### GIVEN DATA
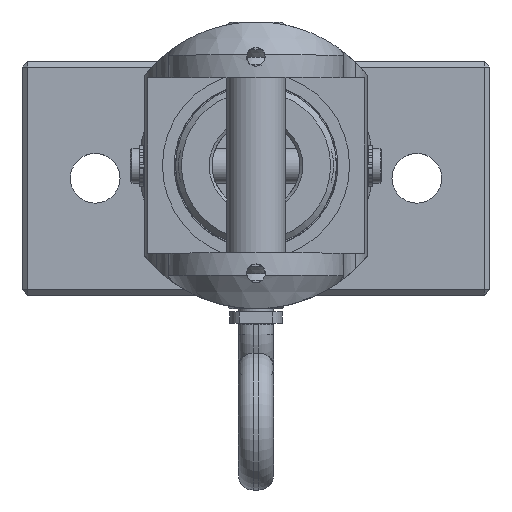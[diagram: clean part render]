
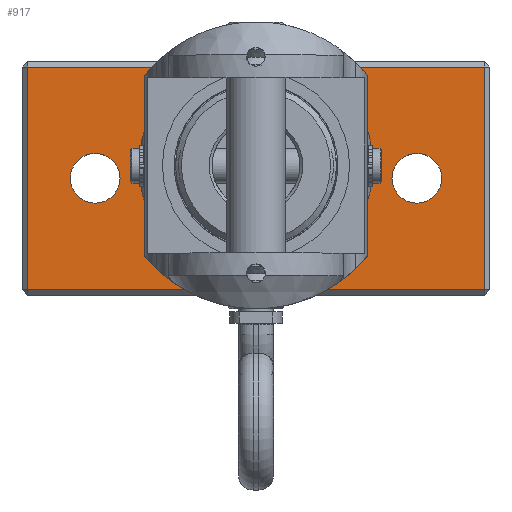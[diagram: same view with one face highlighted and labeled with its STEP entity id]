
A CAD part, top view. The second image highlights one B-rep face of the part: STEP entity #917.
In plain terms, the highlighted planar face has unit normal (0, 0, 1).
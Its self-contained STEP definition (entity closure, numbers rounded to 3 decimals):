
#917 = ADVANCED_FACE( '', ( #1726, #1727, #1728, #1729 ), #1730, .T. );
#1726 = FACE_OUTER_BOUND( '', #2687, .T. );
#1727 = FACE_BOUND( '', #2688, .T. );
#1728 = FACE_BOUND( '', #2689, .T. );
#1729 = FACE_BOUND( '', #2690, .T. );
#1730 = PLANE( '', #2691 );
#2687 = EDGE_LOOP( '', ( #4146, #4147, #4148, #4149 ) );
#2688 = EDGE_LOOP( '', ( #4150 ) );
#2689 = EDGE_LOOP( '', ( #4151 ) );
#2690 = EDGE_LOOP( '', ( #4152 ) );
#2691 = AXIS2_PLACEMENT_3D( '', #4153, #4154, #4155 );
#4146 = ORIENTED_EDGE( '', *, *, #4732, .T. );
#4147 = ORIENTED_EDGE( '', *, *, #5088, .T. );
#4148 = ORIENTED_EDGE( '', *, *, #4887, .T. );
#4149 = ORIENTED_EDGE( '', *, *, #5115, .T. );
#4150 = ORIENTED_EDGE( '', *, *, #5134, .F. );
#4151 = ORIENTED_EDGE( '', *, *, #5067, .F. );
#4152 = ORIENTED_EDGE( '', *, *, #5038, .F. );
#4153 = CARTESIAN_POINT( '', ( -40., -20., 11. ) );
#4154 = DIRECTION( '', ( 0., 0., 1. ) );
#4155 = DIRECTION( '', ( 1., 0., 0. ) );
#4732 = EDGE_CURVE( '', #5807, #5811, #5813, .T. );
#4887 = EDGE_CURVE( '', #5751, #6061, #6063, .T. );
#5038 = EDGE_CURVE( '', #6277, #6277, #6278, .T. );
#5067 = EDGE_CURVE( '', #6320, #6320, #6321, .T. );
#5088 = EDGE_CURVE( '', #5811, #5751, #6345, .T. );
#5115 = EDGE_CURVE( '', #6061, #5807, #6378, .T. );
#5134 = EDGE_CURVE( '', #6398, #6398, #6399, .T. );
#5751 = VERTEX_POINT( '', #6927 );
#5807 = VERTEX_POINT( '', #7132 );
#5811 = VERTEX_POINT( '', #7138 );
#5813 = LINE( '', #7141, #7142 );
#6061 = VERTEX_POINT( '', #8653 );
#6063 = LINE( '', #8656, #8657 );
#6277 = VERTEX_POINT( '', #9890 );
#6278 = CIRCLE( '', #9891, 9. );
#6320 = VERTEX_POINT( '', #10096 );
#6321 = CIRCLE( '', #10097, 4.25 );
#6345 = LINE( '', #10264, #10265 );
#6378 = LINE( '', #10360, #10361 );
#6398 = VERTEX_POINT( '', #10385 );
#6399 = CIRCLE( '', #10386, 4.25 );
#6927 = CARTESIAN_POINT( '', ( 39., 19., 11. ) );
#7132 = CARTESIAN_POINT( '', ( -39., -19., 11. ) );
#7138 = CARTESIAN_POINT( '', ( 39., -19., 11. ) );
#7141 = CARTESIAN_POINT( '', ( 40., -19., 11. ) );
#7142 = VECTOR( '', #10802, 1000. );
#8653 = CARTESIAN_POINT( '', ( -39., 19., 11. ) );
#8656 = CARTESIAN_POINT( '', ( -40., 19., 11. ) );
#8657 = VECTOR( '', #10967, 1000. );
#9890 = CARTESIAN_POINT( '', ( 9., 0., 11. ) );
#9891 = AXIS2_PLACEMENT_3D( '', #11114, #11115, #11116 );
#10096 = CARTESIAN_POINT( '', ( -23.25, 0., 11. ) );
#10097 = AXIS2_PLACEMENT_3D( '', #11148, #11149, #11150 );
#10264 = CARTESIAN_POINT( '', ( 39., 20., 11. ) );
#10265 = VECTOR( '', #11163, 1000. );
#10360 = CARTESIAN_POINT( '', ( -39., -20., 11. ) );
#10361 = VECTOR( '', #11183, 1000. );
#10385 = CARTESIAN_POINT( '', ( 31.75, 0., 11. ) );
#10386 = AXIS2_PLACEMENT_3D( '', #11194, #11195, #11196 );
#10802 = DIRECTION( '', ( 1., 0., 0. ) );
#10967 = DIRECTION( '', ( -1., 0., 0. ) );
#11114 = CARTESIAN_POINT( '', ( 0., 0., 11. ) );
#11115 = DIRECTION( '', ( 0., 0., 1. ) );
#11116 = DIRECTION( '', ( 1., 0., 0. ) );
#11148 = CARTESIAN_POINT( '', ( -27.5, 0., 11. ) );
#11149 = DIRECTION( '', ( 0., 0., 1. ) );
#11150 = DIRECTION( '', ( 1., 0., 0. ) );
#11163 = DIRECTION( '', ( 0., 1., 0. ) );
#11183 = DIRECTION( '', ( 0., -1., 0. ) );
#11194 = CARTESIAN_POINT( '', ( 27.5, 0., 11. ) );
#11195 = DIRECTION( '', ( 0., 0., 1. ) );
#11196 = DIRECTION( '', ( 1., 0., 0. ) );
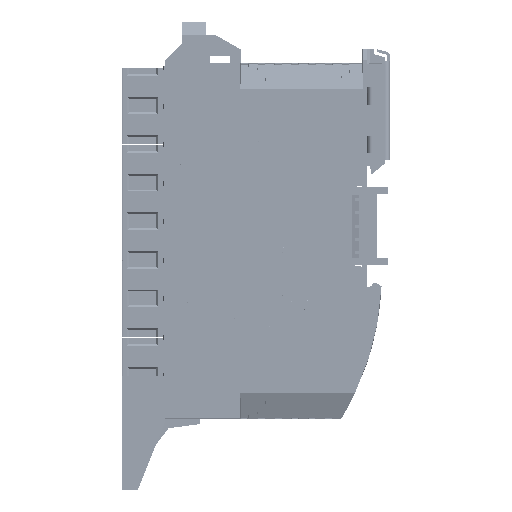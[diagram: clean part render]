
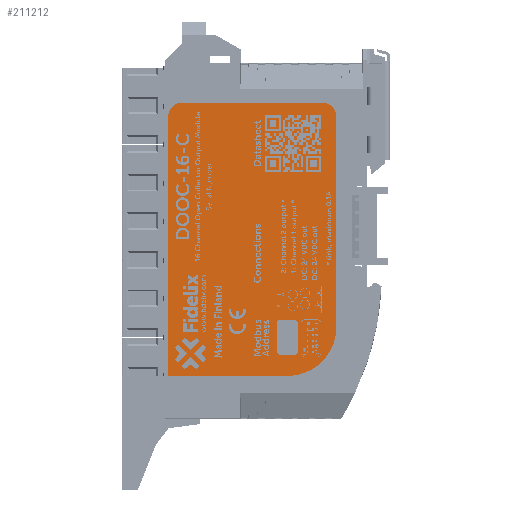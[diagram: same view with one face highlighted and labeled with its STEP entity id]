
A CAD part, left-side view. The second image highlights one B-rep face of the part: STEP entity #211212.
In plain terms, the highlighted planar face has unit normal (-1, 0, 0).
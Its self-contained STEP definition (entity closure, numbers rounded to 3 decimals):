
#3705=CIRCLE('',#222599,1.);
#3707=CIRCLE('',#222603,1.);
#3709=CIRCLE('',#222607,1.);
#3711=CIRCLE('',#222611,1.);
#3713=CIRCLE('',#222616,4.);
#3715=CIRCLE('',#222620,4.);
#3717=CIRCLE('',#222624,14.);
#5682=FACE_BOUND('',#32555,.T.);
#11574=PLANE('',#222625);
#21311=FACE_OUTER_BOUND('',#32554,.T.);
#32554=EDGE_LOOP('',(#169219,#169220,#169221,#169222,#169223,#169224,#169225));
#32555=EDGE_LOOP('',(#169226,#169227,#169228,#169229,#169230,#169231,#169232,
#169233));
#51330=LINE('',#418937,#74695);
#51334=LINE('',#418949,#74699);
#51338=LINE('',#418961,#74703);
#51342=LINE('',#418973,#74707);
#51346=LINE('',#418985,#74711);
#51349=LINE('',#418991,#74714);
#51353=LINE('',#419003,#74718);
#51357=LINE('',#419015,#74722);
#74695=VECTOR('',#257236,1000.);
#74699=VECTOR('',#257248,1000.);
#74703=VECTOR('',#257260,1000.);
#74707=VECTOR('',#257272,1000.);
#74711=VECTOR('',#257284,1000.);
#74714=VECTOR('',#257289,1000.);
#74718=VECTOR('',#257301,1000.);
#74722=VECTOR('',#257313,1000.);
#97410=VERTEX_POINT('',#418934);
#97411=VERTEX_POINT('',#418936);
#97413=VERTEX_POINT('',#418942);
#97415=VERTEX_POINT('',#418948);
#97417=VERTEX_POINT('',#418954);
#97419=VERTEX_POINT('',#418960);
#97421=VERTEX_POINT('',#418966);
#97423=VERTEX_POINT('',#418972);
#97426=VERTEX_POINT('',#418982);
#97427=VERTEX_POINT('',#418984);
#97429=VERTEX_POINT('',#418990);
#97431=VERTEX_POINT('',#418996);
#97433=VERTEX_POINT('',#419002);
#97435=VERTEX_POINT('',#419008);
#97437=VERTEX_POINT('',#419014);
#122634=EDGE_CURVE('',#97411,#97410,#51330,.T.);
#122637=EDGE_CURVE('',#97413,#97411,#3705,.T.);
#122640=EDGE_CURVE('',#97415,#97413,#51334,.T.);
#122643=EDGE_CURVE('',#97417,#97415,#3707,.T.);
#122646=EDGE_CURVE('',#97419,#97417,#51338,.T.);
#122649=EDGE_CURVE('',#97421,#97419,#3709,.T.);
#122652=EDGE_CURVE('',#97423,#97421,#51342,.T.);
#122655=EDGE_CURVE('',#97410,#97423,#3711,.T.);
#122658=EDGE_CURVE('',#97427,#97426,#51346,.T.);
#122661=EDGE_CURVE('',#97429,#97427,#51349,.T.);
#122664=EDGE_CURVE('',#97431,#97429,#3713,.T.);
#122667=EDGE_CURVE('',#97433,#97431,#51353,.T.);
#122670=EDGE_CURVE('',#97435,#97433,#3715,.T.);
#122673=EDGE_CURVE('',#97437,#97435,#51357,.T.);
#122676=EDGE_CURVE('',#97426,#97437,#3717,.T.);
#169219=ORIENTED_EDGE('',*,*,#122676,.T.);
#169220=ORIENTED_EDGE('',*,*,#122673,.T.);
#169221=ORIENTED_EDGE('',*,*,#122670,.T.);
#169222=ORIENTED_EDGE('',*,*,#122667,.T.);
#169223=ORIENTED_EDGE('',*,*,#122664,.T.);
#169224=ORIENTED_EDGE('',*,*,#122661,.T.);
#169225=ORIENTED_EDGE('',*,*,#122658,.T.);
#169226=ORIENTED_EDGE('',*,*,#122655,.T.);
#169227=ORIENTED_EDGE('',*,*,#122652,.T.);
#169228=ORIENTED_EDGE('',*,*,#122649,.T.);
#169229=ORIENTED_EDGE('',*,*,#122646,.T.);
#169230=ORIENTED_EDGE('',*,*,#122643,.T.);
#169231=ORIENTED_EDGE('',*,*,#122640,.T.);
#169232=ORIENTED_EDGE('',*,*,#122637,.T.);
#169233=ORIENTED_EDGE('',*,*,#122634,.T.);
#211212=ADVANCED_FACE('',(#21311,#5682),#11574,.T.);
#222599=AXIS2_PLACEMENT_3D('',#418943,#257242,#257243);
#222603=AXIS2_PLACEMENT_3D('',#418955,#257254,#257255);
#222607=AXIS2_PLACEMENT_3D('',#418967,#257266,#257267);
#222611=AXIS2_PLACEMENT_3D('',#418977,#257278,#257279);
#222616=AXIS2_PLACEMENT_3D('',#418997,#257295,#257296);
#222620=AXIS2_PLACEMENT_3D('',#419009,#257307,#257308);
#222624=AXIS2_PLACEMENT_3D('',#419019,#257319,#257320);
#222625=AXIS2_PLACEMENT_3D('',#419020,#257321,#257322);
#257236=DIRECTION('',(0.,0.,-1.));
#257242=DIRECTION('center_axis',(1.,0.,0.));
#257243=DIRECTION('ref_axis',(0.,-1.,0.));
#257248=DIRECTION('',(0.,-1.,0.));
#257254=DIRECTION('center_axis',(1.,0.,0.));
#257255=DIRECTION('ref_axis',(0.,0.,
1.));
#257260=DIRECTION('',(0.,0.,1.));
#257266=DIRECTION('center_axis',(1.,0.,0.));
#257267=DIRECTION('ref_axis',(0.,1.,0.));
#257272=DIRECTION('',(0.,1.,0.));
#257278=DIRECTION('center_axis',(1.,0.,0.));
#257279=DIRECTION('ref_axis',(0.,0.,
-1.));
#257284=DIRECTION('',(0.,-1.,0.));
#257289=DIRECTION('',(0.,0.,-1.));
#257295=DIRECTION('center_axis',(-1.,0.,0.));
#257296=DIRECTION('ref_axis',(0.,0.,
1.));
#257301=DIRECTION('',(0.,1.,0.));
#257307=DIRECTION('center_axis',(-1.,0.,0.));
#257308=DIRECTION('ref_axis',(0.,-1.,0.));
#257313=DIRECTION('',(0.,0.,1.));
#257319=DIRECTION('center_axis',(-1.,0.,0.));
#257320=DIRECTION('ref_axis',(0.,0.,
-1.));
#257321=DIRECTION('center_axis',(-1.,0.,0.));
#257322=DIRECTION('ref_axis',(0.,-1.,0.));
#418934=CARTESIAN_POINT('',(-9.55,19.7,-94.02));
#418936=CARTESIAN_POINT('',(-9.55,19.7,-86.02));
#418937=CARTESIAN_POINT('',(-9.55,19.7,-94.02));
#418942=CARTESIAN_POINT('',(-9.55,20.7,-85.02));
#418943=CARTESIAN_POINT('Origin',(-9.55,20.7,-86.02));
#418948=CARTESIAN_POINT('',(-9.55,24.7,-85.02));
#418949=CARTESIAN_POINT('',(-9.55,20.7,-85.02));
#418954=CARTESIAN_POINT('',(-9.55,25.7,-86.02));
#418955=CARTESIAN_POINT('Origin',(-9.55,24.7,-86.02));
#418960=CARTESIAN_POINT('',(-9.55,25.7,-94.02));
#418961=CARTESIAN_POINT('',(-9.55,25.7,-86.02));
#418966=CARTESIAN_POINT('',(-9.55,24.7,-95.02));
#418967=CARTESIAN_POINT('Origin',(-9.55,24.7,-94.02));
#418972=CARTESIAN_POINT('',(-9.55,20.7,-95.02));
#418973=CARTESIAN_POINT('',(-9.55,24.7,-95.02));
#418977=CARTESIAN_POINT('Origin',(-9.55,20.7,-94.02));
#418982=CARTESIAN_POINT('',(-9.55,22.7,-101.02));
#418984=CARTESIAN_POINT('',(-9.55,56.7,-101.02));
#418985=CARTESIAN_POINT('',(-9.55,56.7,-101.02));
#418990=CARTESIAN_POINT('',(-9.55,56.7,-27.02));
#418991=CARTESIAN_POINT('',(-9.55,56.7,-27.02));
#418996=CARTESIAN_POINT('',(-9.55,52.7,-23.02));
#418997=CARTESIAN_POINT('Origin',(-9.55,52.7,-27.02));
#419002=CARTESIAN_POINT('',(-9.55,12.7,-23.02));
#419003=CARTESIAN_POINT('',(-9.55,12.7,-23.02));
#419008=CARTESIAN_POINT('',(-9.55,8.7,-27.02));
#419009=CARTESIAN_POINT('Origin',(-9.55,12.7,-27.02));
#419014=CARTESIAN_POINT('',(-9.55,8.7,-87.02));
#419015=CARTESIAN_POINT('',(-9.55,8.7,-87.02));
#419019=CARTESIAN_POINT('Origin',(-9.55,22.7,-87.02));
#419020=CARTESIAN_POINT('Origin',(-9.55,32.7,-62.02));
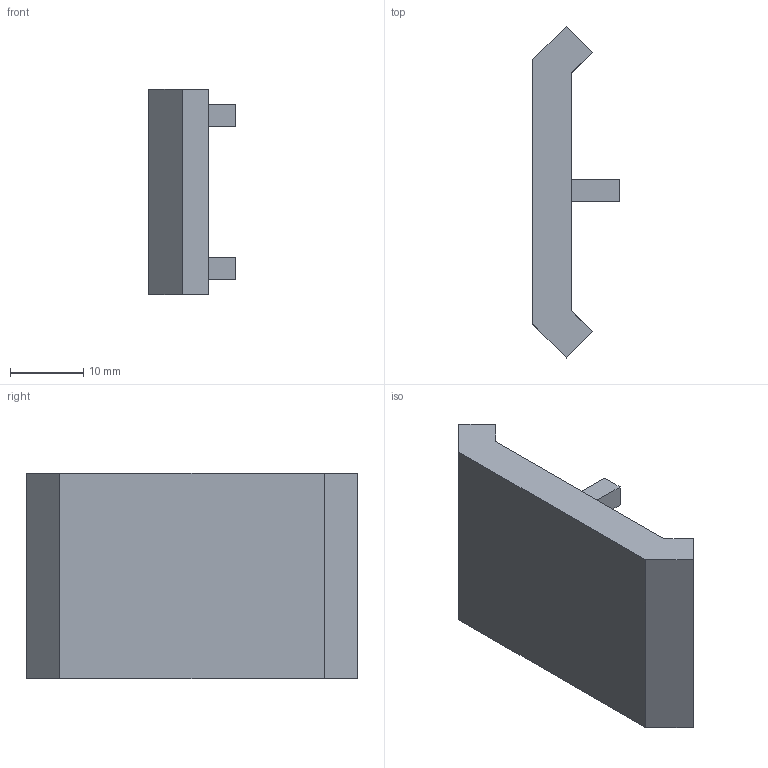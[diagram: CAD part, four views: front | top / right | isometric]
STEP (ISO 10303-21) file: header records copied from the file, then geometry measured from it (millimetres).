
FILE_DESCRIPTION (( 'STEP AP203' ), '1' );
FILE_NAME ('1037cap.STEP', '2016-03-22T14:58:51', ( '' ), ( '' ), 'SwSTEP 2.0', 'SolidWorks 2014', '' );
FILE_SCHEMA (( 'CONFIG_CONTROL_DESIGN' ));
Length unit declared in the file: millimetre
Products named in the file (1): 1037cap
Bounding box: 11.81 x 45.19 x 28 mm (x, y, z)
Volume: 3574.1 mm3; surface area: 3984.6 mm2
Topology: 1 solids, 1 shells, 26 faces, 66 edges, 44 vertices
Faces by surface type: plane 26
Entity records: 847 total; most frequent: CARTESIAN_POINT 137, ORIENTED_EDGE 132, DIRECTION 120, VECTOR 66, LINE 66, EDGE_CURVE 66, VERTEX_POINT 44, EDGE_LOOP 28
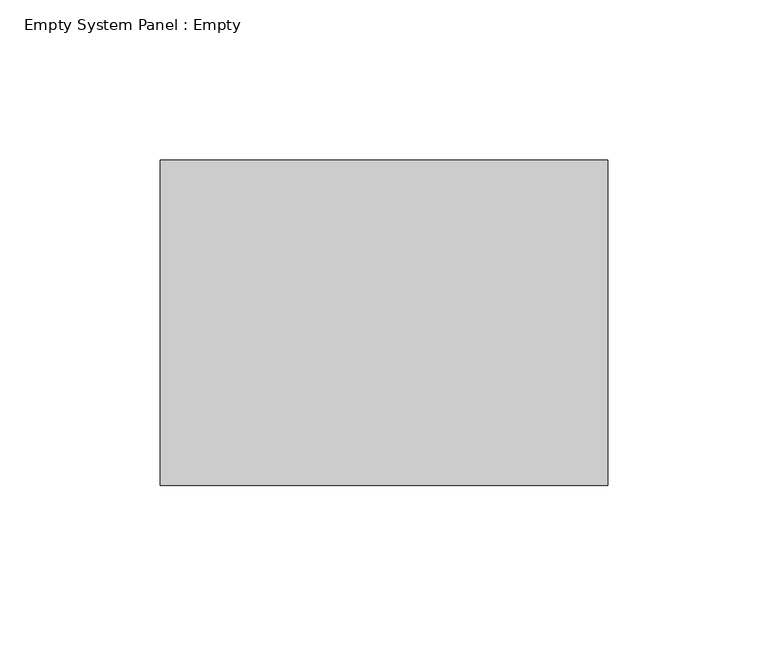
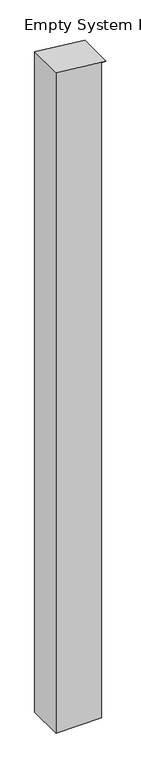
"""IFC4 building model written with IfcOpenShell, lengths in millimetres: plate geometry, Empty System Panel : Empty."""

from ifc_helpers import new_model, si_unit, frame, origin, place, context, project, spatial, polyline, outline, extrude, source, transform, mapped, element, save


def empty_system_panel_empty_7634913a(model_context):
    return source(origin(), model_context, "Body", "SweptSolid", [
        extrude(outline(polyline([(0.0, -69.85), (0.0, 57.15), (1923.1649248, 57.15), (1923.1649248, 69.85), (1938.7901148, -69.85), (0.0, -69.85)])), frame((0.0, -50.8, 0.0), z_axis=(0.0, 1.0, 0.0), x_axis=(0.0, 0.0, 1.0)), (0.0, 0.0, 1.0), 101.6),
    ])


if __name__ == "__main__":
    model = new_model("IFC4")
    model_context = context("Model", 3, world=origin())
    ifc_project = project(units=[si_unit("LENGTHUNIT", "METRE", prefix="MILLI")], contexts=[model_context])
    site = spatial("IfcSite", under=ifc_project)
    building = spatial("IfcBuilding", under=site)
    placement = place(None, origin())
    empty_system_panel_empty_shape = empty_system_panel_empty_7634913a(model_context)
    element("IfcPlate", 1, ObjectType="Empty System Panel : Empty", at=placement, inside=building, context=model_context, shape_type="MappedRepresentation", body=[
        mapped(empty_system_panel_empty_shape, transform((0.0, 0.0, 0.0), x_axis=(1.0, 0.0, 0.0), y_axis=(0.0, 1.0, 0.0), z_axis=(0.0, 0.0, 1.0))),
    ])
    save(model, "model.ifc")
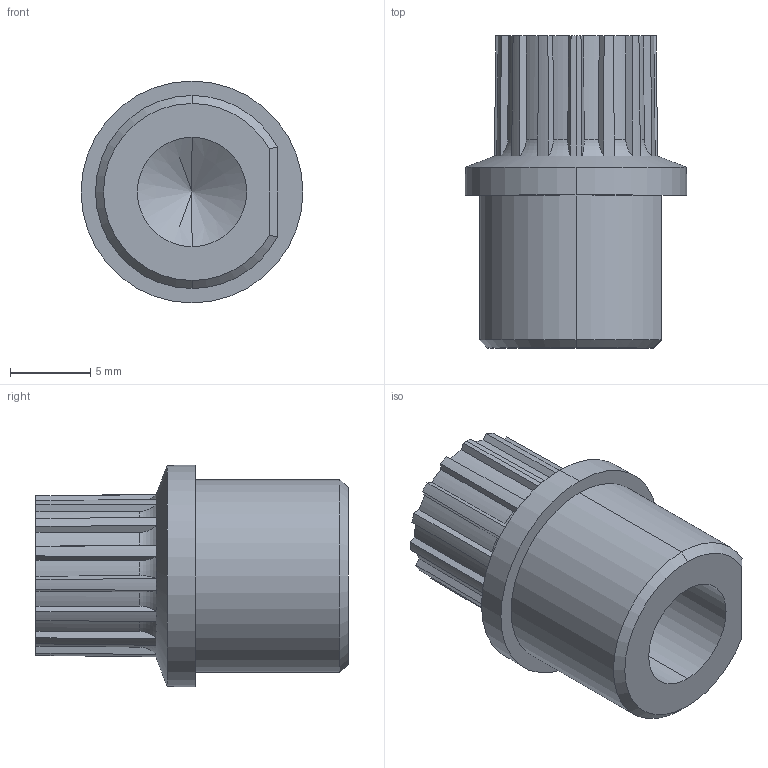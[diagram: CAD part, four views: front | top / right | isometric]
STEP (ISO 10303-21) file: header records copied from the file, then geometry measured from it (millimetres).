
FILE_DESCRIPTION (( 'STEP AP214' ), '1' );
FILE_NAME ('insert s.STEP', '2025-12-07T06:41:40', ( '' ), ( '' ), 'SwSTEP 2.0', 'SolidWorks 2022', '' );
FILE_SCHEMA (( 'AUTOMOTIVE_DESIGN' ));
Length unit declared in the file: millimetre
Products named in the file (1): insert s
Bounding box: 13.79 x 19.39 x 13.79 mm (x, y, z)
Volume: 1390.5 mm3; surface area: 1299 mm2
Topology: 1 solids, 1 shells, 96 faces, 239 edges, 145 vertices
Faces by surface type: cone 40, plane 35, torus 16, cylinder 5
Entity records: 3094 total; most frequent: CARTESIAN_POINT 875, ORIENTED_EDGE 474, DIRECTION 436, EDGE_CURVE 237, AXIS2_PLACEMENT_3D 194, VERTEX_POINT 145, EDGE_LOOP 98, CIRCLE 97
######
**HOW TO COMPLETE THIS TASK:**
Reproduce only the lines above, starting at the line with "#222616=AXIS2_PLACEMENT_3D('',#418997,#257295,#257296);" and ending at the line with "#257260=DIRECTION('',(0.,0.,1.));", exactly as written.

**TASK RESPONSE:**
#222616=AXIS2_PLACEMENT_3D('',#418997,#257295,#257296);
#222620=AXIS2_PLACEMENT_3D('',#419009,#257307,#257308);
#222624=AXIS2_PLACEMENT_3D('',#419019,#257319,#257320);
#222625=AXIS2_PLACEMENT_3D('',#419020,#257321,#257322);
#257236=DIRECTION('',(0.,0.,-1.));
#257242=DIRECTION('center_axis',(1.,0.,0.));
#257243=DIRECTION('ref_axis',(0.,-1.,0.));
#257248=DIRECTION('',(0.,-1.,0.));
#257254=DIRECTION('center_axis',(1.,0.,0.));
#257255=DIRECTION('ref_axis',(0.,0.,
1.));
#257260=DIRECTION('',(0.,0.,1.));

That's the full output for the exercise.